O Brasil registrou um patamar recorde de 66,8% da população ocupada contribuindo para algum regime previdenciário no trimestre encerrado em fevereiro. Isso equivale a 68,196 milhões de trabalhadores com cobertura da Previdência Social, o maior percentual desde o início da série histórica da Pesquisa Nacional por Amostra de Domicílios (Pnad) Contínua em 2012. Os dados, divulgados pelo Instituto Brasileiro de Geografia e Estatística (IBGE), abrangem pessoas com 14 anos ou mais no mercado de trabalho, destacando a importância da contribuição previdenciária para assegurar benefícios como aposentadoria, auxílio por incapacidade e pensão por morte.
Embora o percentual atual seja um recorde, o número absoluto de contribuintes foi ligeiramente maior no quarto trimestre de 2025, com 68,496 milhões. Contudo, devido a uma população ocupada total maior à época, a proporção de contribuintes representava 66,5%. O IBGE define contribuintes como empregados, empregadores, trabalhadores domésticos e autônomos que destinam recursos a institutos de previdência oficial, seja federal (INSS ou Plano de Seguridade Social da União), estadual ou municipal.
O Impulso do Mercado Formal
Rodolpho Tobler, economista do Instituto Brasileiro de Economia (Ibre) da Fundação Getulio Vargas (FGV), atribui esse recorde ao fortalecimento do mercado de trabalho formal. Ele explica que o aumento no número de pessoas trabalhando, especialmente em empregos formais, impulsiona as contribuições previdenciárias, dada a recuperação mais intensa deste setor em comparação com os empregos informais.
No trimestre findo em fevereiro, o número de empregados no setor privado com carteira assinada permaneceu estável em 39,2 milhões, tanto em relação ao trimestre móvel anterior (encerrado em novembro) quanto ao mesmo período de 2025. Tobler considera esse resultado "muito positivo", destacando que vagas formais estão mais associadas a empregos de maior produtividade, remuneração e, crucialmente, à contribuição para a previdência.
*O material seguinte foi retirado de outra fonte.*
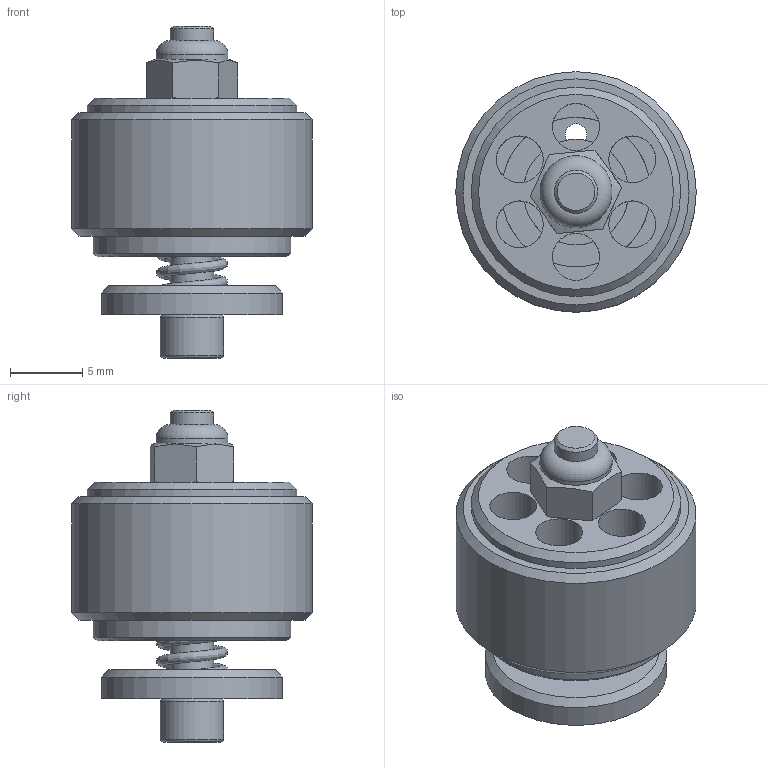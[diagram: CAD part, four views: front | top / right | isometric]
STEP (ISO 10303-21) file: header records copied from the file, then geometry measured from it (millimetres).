
FILE_DESCRIPTION(/* description */ ('Unknown'),/* implementation_level */ '2;1');
FILE_NAME(/* name */ 'VURP38',/* time_stamp */ '2024-12-05T10:45:42+01:00',/* author */ ('Unknown'),/* organization */ ('Unknown'),/* preprocessor_version */ 'ST-DEVELOPER v19.4',/* originating_system */ 'Solid Edge',/* authorisation */ 'Unknown');
FILE_SCHEMA (('AUTOMOTIVE_DESIGN {1 0 10303 214 3 1 1}'));
Length unit declared in the file: millimetre
Products named in the file (1): VURP38
Bounding box: 16.66 x 16.66 x 23 mm (x, y, z)
Volume: 1994.2 mm3; surface area: 2421.3 mm2
Topology: 1 solids, 1 shells, 79 faces, 191 edges, 118 vertices
Faces by surface type: plane 42, cylinder 18, cone 14, torus 4, bspline 1
Full cylindrical faces by diameter (mm): 1.5 x1, 3 x2, 3.25 x6, 4.4 x1, 5 x1, 5.5 x1, 7.3 x1, 10.35 x1, 12.55 x1, 13.66 x1, 14.5 x1, 16.662 x1
Entity records: 6128 total; most frequent: CARTESIAN_POINT 3904, DIRECTION 366, ORIENTED_EDGE 284, AXIS2_PLACEMENT_3D 171, EDGE_CURVE 142, EDGE_LOOP 128, FACE_BOUND 128, VERTEX_POINT 100

Rendimento do Trabalhador e Perspectivas Futuras
A Pnad Contínua também apontou um recorde no rendimento mensal real do trabalhador, atingindo R$ 3.679. Este valor representa um aumento de 2% em relação ao trimestre encerrado em novembro de 2025 e 5,2% em comparação com o mesmo trimestre do ano anterior, já descontada a inflação dos períodos de comparação.
Com a população brasileira em processo de envelhecimento, a previdência social permanece um ponto sensível. Nesse contexto, o economista Rodolpho Tobler enfatiza que quanto mais pessoas contribuindo através do emprego formal, menor será o desafio previdenciário no médio e longo prazo. A expectativa é que o percentual de trabalhadores contribuintes continue a crescer, especialmente com a manutenção do crescimento econômico. Historicamente, o país sempre manteve uma taxa de contribuintes para instituto de previdência acima de 60%, com o menor índice registrado sendo 61,9% no trimestre encerrado em maio de 2012.